Become a Controls Engineer: Education and Career Roadmap
Find out how to become a controls engineer. Research the education requirements and learn about the experience you need to advance your career in engineering.
Requirements to Become a Controls Engineer
Controls engineers develop, test and implement automation, control and processing systems, such as those used for electrical or water control. They may review blueprints, meet with contractors and resolve issues to ensure that a client's project is correct. These professionals typically have attained a bachelor's degree in an engineering field and have an engineering license. The following table contains the main requirements for being a controls engineer:
|Degree Level||Bachelor's degree*|
|Degree Field||Engineering, electrical engineering or other closely related discipline*|
|Licensure||Licensure as a Professional Engineer (PE) is encouraged for some positions**|
|Experience||At least 2-5 years of experience required for most positions*|
|Key Skills||Attention to detail as well as communication, teamwork and active-learning skills**|
|Computer skills||Field specific software, such as those used for computer-aided design (CAD), operating systems and analysis***|
|Technical skills||Ability to use related tools, such as signal generators and other electronic equipment; familiarity with reading blueprints and other engineering techniques***|
Sources: *Job listings from Careerbuilder.com (January 2013), **U.S. Bureau of Labor Statistics, ***O*Net Online
Step 1: Earn a Bachelor's Degree
Prospective candidates may consider bachelor's degree programs in electrical or mechanical engineering. These programs typically last 4-5 years and include general education courses in English, social science and the humanities. Circuit theory and digital processing topics are common in electrical engineering, while mechanical engineering programs may include coursework in materials, thermodynamics and heat transfer. Both of these engineering programs include courses in CAD and use advanced CAD principles to create, analyze and review designs. High school students may consult with their career counselors to find an ABET-approved bachelor's degree program.

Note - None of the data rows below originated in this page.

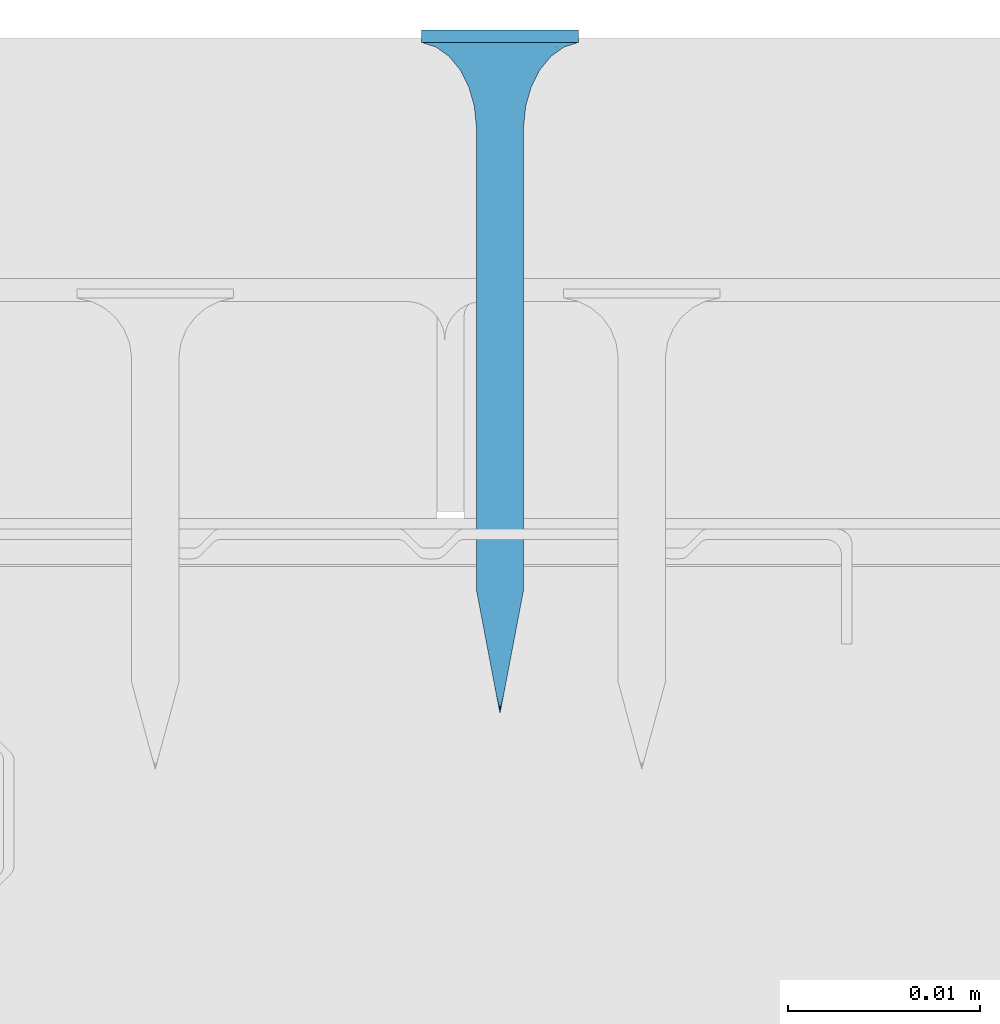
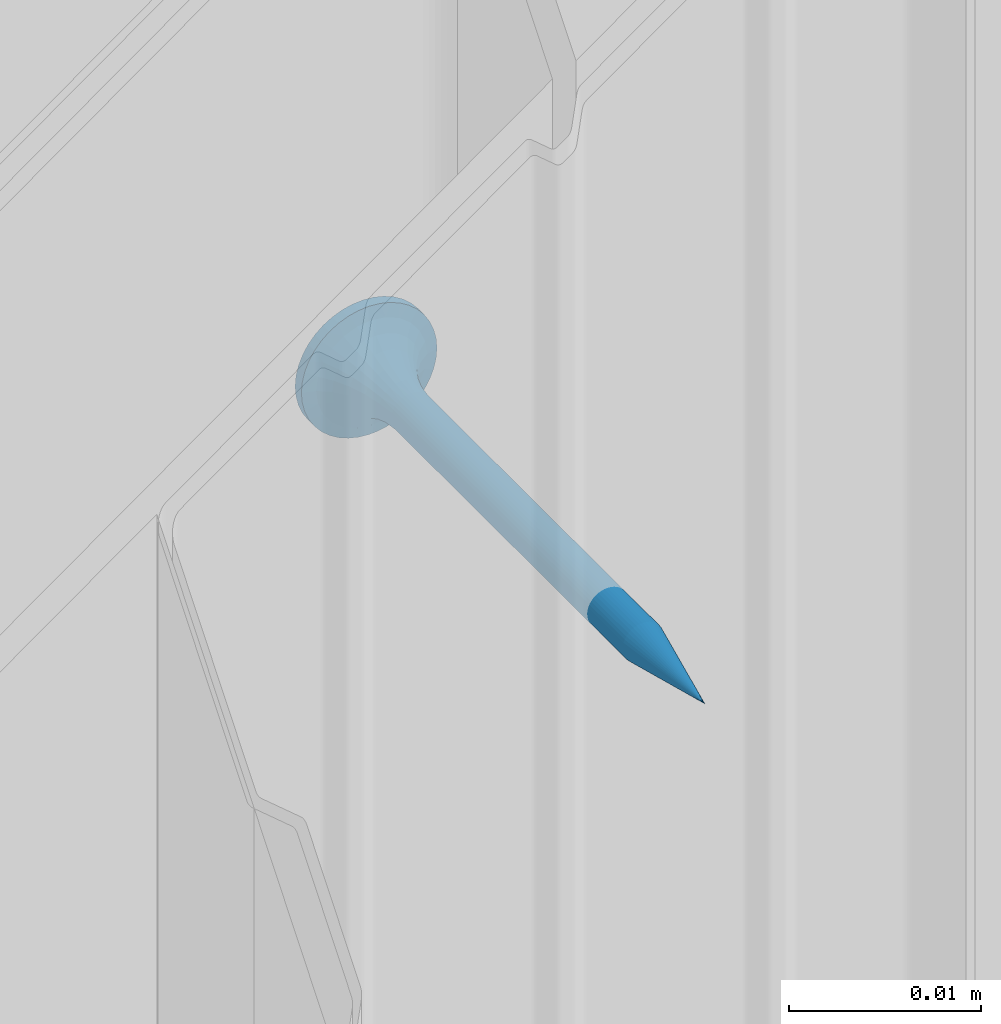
# One storey, part 86 of 89: 1 wall.
"""IFC2X3 building model written with IfcOpenShell, lengths in millimetres."""

from ifc_helpers import new_model, entity, si_unit, converted_unit, direction, frame, origin, origin_with_axes, place, context, project, spatial, faceted_brep, element, save


model = new_model("IFC2X3")

# Units and contexts
model_context = context("Model", 3, precision=1e-05, world=origin(), true_north=direction((0.0, 1.0, 0.0)))
ifc_project = project(units=[si_unit("LENGTHUNIT", "METRE", prefix="MILLI"), si_unit("AREAUNIT", "SQUARE_METRE"), si_unit("VOLUMEUNIT", "CUBIC_METRE"), converted_unit("PLANEANGLEUNIT", "DEGREE", entity("IfcPlaneAngleMeasure", 0.01745), si_unit("PLANEANGLEUNIT", "RADIAN"), dimensions=[0, 0, 0, 0, 0, 0, 0]), si_unit("SOLIDANGLEUNIT", "STERADIAN"), si_unit("MASSUNIT", "GRAM"), si_unit("TIMEUNIT", "SECOND"), si_unit("THERMODYNAMICTEMPERATUREUNIT", "DEGREE_CELSIUS"), si_unit("LUMINOUSINTENSITYUNIT", "LUMEN")], contexts=[model_context])

# Site, building, storey
site_placement = place(None, origin_with_axes())
site = spatial("IfcSite", under=ifc_project, at=site_placement, Name="Default Site", CompositionType="ELEMENT")
building_placement = place(site_placement, origin_with_axes())
building = spatial("IfcBuilding", under=site, at=building_placement, Name="Default Building", CompositionType="ELEMENT")
storey_placement = place(building_placement, origin_with_axes())
storey = spatial("IfcBuildingStorey", under=building, at=storey_placement, Name="Default Building Storey", CompositionType="ELEMENT", Elevation=0.0)

# Wall
wall_placement = place(storey_placement, frame((3282.378809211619, -2709.70794567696, -296.9378894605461), z_axis=(0.0, 0.0, 1.0), x_axis=(-1.0, -1.471045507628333e-15, 0.0)))
element("IfcWall", 1, at=wall_placement, inside=storey, Name="Wkręt RIGIPS TN 35", context=model_context, shape_type="Brep", body=[
    faceted_brep([(-141.5377463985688, -4832.598051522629, 555.8000000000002), (-141.5377463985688, -4833.259713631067, 555.8000000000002), (-141.4875329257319, -4833.259713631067, 555.1619773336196), (-141.4875329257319, -4832.598051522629, 555.1619773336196), (-141.3381289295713, -4833.259713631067, 554.5396649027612), (-141.3381289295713, -4832.598051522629, 554.5396649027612), (-141.0932132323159, -4833.259713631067, 553.9483861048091), (-141.0932132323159, -4832.598051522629, 553.9483861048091), (-140.7588164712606, -4833.259713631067, 553.4027001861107), (-140.7588164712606, -4832.598051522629, 553.4027001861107), (-140.3431726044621, -4833.259713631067, 552.9160437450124), (-140.4541727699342, -4832.598051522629, 553.0314907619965), (-140.1080097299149, -4832.598051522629, 552.6986614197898), (-139.8565161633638, -4833.259713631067, 552.5003998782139), (-139.7251262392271, -4832.598051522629, 552.4088262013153), (-139.3108302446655, -4833.259713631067, 552.1660031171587), (-139.3108302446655, -4832.598051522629, 552.1660031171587), (-138.870865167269, -4832.598051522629, 551.9735584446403), (-138.7195514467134, -4833.259713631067, 551.9210874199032), (-138.4113302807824, -4832.598051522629, 551.8341600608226), (-137.9385961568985, -4832.598051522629, 551.7497404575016), (-138.0972390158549, -4833.259713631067, 551.7716834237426), (-137.4592163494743, -4833.259713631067, 551.7214699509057), (-137.4592163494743, -4832.598051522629, 551.7214699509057), (-136.8211936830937, -4833.259713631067, 551.7716834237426), (-136.8211936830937, -4832.598051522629, 551.7716834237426), (-136.1988812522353, -4833.259713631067, 551.9210874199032), (-136.1988812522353, -4832.598051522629, 551.9210874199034), (-135.6076024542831, -4833.259713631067, 552.1660031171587), (-135.6076024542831, -4832.598051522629, 552.1660031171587), (-135.0619165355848, -4833.259713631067, 552.5003998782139), (-135.0619165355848, -4832.598051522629, 552.5003998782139), (-134.5752600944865, -4833.259713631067, 552.9160437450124), (-134.5752600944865, -4832.598051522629, 552.9160437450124), (-134.159616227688, -4833.259713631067, 553.4027001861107), (-134.159616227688, -4832.598051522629, 553.4027001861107), (-133.8252194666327, -4833.259713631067, 553.9483861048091), (-133.8252194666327, -4832.598051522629, 553.9483861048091), (-133.5803037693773, -4833.259713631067, 554.5396649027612), (-133.5803037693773, -4832.598051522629, 554.5396649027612), (-133.4308997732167, -4833.259713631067, 556.4380226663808), (-133.4308997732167, -4832.598051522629, 556.4380226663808), (-133.3806863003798, -4832.598051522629, 555.8000000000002), (-133.3806863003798, -4833.259713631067, 555.8000000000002), (-133.4308997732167, -4832.598051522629, 555.1619773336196), (-133.4308997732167, -4833.259713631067, 555.1619773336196), (-133.5803037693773, -4833.259713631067, 557.0603350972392), (-133.5803037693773, -4832.598051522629, 557.0603350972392), (-133.8252194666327, -4833.259713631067, 557.6516138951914), (-133.8252194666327, -4832.598051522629, 557.6516138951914), (-134.159616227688, -4833.259713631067, 558.1972998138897), (-134.159616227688, -4832.598051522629, 558.1972998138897), (-134.5752600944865, -4833.259713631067, 558.683956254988), (-134.5752600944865, -4832.598051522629, 558.683956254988), (-135.0619165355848, -4833.259713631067, 559.0996001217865), (-135.0619165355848, -4832.598051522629, 559.0996001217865), (-135.6076024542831, -4833.259713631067, 559.4339968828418), (-135.6076024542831, -4832.598051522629, 559.4339968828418), (-136.1988812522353, -4833.259713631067, 559.6789125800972), (-136.1988812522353, -4832.598051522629, 559.6789125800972), (-136.8211936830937, -4833.259713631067, 559.8283165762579), (-136.8211936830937, -4832.598051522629, 559.8283165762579), (-137.4592163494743, -4833.259713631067, 559.8785300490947), (-137.4592163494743, -4832.598051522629, 559.8785300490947), (-138.0972390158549, -4833.259713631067, 559.8283165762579), (-138.0972390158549, -4832.598051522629, 559.8283165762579), (-138.7195514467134, -4833.259713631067, 559.6789125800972), (-138.7195514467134, -4832.598051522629, 559.6789125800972), (-139.3108302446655, -4833.259713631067, 559.4339968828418), (-139.3108302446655, -4832.598051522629, 559.4339968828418), (-139.8565161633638, -4833.259713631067, 559.0996001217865), (-139.8565161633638, -4832.598051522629, 559.0996001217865), (-140.3431726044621, -4833.259713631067, 558.683956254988), (-140.3431726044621, -4832.598051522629, 558.683956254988), (-140.7588164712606, -4833.259713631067, 558.1972998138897), (-140.7588164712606, -4832.598051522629, 558.1972998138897), (-141.0932132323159, -4833.259713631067, 557.6516138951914), (-141.0932132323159, -4832.598051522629, 557.6516138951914), (-141.3381289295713, -4833.259713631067, 557.0603350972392), (-141.3381289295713, -4832.598051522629, 557.0603350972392), (-141.4875329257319, -4833.259713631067, 556.4380226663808), (-141.4875329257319, -4832.598051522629, 556.4380226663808), (-137.8060615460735, -4829.281368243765, 554.5055560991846), (-137.4592163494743, -4828.206294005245, 554.5693795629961), (-137.6517277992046, -4828.206294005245, 554.5845305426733), (-137.4592163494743, -4829.281368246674, 554.4598930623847), (-137.8394989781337, -4828.206294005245, 554.6296104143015), (-138.1292698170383, -4829.281368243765, 554.639433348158), (-138.0179063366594, -4828.206294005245, 554.7035091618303), (-138.1825568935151, -4828.206294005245, 554.804407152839), (-138.4068150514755, -4829.281368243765, 554.8524012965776), (-138.3293964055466, -4828.206294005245, 554.929819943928), (-138.6197830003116, -4829.281368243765, 555.1299465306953), (-138.4548091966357, -4828.206294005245, 555.0766594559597), (-138.5557071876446, -4828.206294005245, 555.2413100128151), (-138.7536602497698, -4829.281368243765, 555.4531548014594), (-138.629605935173, -4828.206294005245, 555.4197173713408), (-138.6746858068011, -4828.206294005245, 555.6074885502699), (-138.7993232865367, -4829.281368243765, 555.7999999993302), (-138.6898367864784, -4828.206294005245, 555.8000000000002), (-138.7536602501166, -4829.281368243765, 556.1468451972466), (-138.6746858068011, -4828.206294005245, 555.9925114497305), (-138.629605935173, -4828.206294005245, 556.1802826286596), (-138.6197830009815, -4829.281368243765, 556.4700534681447), (-138.5557071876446, -4828.206294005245, 556.3586899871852), (-138.4548091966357, -4828.206294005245, 556.5233405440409), (-138.4068150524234, -4829.281368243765, 556.7475987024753), (-138.3293964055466, -4828.206294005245, 556.6701800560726), (-138.1292698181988, -4829.281368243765, 556.9605666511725), (-138.1825568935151, -4828.206294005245, 556.7955928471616), (-138.0179063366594, -4828.206294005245, 556.8964908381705), (-137.8060615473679, -4829.281368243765, 557.094443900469), (-137.8394989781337, -4828.206294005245, 556.970389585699), (-137.6517277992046, -4828.206294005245, 557.0154694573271), (-137.4592163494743, -4829.281368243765, 557.1401069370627), (-137.4592163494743, -4828.206294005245, 557.0306204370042), (-137.1123711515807, -4829.281368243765, 557.094443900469), (-137.2667048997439, -4828.206294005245, 557.0154694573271), (-137.0789337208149, -4828.206294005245, 556.970389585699), (-136.7891628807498, -4829.281368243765, 556.9605666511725), (-136.9005263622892, -4828.206294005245, 556.8964908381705), (-136.7358758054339, -4828.206294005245, 556.7955928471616), (-136.5116176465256, -4829.281368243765, 556.7475987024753), (-136.5890362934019, -4828.206294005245, 556.6701800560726), (-136.2986496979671, -4829.281368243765, 556.4700534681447), (-136.4636235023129, -4828.206294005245, 556.5233405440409), (-136.3627255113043, -4828.206294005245, 556.3586899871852), (-136.1647724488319, -4829.281368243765, 556.1468451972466), (-136.2888267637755, -4828.206294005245, 556.1802826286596), (-136.2437468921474, -4828.206294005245, 555.9925114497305), (-136.1191094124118, -4829.281368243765, 555.7999999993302), (-136.2285959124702, -4828.206294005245, 555.8000000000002), (-136.1647724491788, -4829.281368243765, 555.4531548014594), (-136.2437468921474, -4828.206294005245, 555.6074885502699), (-136.2888267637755, -4828.206294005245, 555.4197173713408), (-136.298649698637, -4829.281368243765, 555.1299465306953), (-136.3627255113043, -4828.206294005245, 555.2413100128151), (-136.4636235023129, -4828.206294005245, 555.0766594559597), (-136.5116176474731, -4829.281368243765, 554.8524012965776), (-136.5890362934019, -4828.206294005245, 554.929819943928), (-136.7891628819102, -4829.281368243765, 554.639433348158), (-136.7358758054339, -4828.206294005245, 554.804407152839), (-136.9005263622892, -4828.206294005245, 554.7035091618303), (-137.1123711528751, -4829.281368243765, 554.5055560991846), (-137.0789337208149, -4828.206294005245, 554.6296104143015), (-137.2667048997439, -4828.206294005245, 554.5845305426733), (-137.4592163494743, -4830.288222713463, 554.1737111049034), (-137.8801308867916, -4830.288222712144, 554.2291255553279), (-138.2723607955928, -4830.288222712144, 554.3915925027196), (-138.6091762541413, -4830.288222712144, 554.6500400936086), (-138.8676238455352, -4830.288222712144, 554.9868555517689), (-139.0300907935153, -4830.288222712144, 555.3790854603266), (-139.085505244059, -4830.288222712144, 555.799999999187), (-139.0300907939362, -4830.288222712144, 556.2209145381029), (-138.8676238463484, -4830.288222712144, 556.6131444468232), (-138.6091762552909, -4830.288222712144, 556.9499599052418), (-138.2723607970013, -4830.288222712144, 557.2084074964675), (-137.8801308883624, -4830.288222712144, 557.3708744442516), (-137.4592163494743, -4830.288222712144, 557.4262888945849), (-137.0383018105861, -4830.288222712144, 557.3708744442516), (-136.6460719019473, -4830.288222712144, 557.2084074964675), (-136.3092564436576, -4830.288222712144, 556.9499599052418), (-136.0508088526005, -4830.288222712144, 556.6131444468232), (-135.8883419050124, -4830.288222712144, 556.2209145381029), (-135.8329274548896, -4830.288222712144, 555.799999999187), (-135.8883419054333, -4830.288222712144, 555.3790854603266), (-136.0508088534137, -4830.288222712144, 554.9868555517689), (-136.3092564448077, -4830.288222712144, 554.6500400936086), (-136.6460719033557, -4830.288222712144, 554.3915925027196), (-137.038301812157, -4830.288222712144, 554.2291255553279), (-137.4592163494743, -4831.168773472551, 553.7273431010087), (-137.9956594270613, -4831.168773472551, 553.7979671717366), (-138.4955447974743, -4831.168773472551, 554.005026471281), (-138.9248060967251, -4831.168773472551, 554.3344102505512), (-139.2541898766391, -4831.168773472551, 554.7636715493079), (-139.4612491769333, -4831.168773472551, 555.2635569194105), (-139.5318732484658, -4831.168773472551, 555.7999999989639), (-139.4612491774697, -4831.168773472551, 556.3364430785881), (-139.2541898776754, -4831.168773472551, 556.8363284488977), (-138.9248060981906, -4831.168773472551, 557.2655897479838), (-138.4955447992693, -4831.168773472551, 557.594973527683), (-137.9956594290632, -4831.168773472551, 557.8020328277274), (-137.4592163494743, -4831.168773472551, 557.8726568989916), (-136.9227732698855, -4831.168773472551, 557.8020328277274), (-136.4228878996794, -4831.168773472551, 557.594973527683), (-135.993626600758, -4831.168773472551, 557.2655897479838), (-135.6642428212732, -4831.168773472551, 556.8363284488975), (-135.4571835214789, -4831.168773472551, 556.3364430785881), (-135.3865594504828, -4831.168773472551, 555.7999999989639), (-135.4571835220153, -4831.168773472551, 555.2635569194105), (-135.6642428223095, -4831.168773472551, 554.7636715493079), (-135.9936266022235, -4831.168773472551, 554.3344102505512), (-136.4228879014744, -4831.168773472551, 554.005026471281), (-136.9227732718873, -4831.168773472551, 553.7979671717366), (-137.4592163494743, -4831.872222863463, 553.1465393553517), (-138.1459824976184, -4831.872222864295, 553.2369538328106), (-138.7859466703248, -4831.872222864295, 553.5020356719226), (-139.3354963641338, -4831.872222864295, 553.9237199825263), (-139.757180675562, -4831.872222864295, 554.4732696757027), (-140.0222625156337, -4831.872222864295, 555.1132338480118), (-140.1126769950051, -4831.872222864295, 555.7999999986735), (-140.0222625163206, -4831.872222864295, 556.4867661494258), (-139.7571806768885, -4831.872222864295, 557.1267303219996), (-139.33549636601, -4831.872222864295, 557.6762800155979), (-138.7859466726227, -4831.872222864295, 558.0979643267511), (-138.1459825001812, -4831.872222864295, 558.3630461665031), (-137.4592163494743, -4831.872222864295, 558.4534606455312), (-136.7724501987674, -4831.872222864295, 558.3630461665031), (-136.1324860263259, -4831.872222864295, 558.0979643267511), (-135.5829363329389, -4831.872222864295, 557.6762800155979), (-135.1612520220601, -4831.872222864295, 557.1267303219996), (-134.8961701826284, -4831.872222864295, 556.4867661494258), (-134.8057557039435, -4831.872222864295, 555.7999999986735), (-134.8961701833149, -4831.872222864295, 555.1132338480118), (-135.1612520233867, -4831.872222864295, 554.4732696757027), (-135.5829363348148, -4831.872222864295, 553.9237199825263), (-136.1324860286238, -4831.872222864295, 553.5020356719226), (-136.7724502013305, -4831.872222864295, 553.2369538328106), (-137.4592163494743, -4832.357989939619, 552.4648055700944), (-138.3224281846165, -4832.357989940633, 552.578449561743), (-139.1268135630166, -4832.357989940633, 552.9116368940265), (-139.8175549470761, -4832.357989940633, 553.4416613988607), (-140.3475794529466, -4832.357989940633, 554.1324027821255), (-140.6807667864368, -4832.357989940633, 554.9367881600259), (-140.7944107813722, -4832.357989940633, 555.7999999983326), (-140.6807667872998, -4832.357989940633, 556.6632118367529), (-140.3475794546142, -4832.357989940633, 557.4675972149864), (-139.8175549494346, -4832.357989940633, 558.1583385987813), (-139.1268135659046, -4832.357989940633, 558.6883631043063), (-138.322428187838, -4832.357989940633, 559.021550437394), (-137.4592163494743, -4832.357989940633, 559.1351944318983), (-136.596004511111, -4832.357989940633, 559.021550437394), (-135.791619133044, -4832.357989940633, 558.6883631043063), (-135.100877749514, -4832.357989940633, 558.1583385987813), (-134.5708532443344, -4832.357989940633, 557.4675972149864), (-134.2376659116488, -4832.357989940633, 556.6632118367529), (-134.1240219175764, -4832.357989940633, 555.7999999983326), (-134.2376659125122, -4832.357989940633, 554.9367881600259), (-134.570853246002, -4832.357989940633, 554.1324027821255), (-135.1008777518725, -4832.357989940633, 553.4416613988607), (-135.7916191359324, -4832.357989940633, 552.9116368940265), (-136.5960045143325, -4832.357989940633, 552.578449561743), (-138.6898367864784, -4804.09375793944, 555.8000000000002), (-138.6746858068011, -4804.09375793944, 555.6074885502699), (-138.629605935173, -4804.09375793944, 555.4197173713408), (-138.5557071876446, -4804.09375793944, 555.2413100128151), (-138.4548091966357, -4804.09375793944, 555.0766594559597), (-138.3293964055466, -4804.09375793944, 554.929819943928), (-138.1825568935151, -4804.09375793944, 554.804407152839), (-138.0179063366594, -4804.09375793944, 554.7035091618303), (-137.8394989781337, -4804.09375793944, 554.6296104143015), (-137.6517277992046, -4804.09375793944, 554.5845305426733), (-137.4592163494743, -4804.09375793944, 554.5693795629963), (-137.2667048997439, -4804.09375793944, 554.5845305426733), (-137.0789337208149, -4804.09375793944, 554.6296104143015), (-136.9005263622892, -4804.09375793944, 554.7035091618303), (-136.7358758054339, -4804.09375793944, 554.804407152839), (-136.5890362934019, -4804.09375793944, 554.929819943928), (-136.4636235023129, -4804.09375793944, 555.0766594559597), (-136.3627255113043, -4804.09375793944, 555.2413100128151), (-136.2888267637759, -4804.09375793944, 555.4197173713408), (-136.2437468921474, -4804.09375793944, 555.9925114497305), (-136.2285959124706, -4804.09375793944, 555.8000000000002), (-136.2437468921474, -4804.09375793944, 555.6074885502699), (-136.2888267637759, -4804.09375793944, 556.1802826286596), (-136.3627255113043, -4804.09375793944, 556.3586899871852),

Step 2: Find Entry-Level Work
Entry-level controls engineers often begin learning the field by drafting project estimates, writing operational descriptions and providing general technical support. Some employers may train employees on systems troubleshooting, control systems design and performance compliance. New hires may assist experienced engineers with using programming systems to integrate additional manufacturing machines into existing production lines.
Step 3: Gain Advanced Experience
According to January 2013 job postings from CareerBuilder.com, experienced controls engineers may be responsible for more challenging duties, such as designing, implementing and managing programmable logic controller and human machine interface systems. These professionals may use CAD software to create mathematical models and simulate machine, automation or system performance. Controls engineers may also be called on to evaluate, update or improve current systems and operations. Other duties may include installation specifications and coordinating end user support.
Step 4: Attain an Engineer's License
Some control engineers, such as those who do government work in electrical engineering, can benefit from licensure, according to the BLS. The National Council of Examiners for Engineering and Surveying grants engineering licenses and generally requires the completion of an ABET-accredited program, four years of work experience and the passing of a state examination. Graduates typically pass the first part of the state-licensing exam, Fundamentals of Engineering and are then classified as engineers-in-training (EITs).
After attaining four years of documented experience, they are qualified to take the second licensing exam, Principles and Practice of Engineering specifically for control systems. Upon passing, individuals are called professional engineers (PEs). Continuing education requirements vary per state board of engineering and should be researched.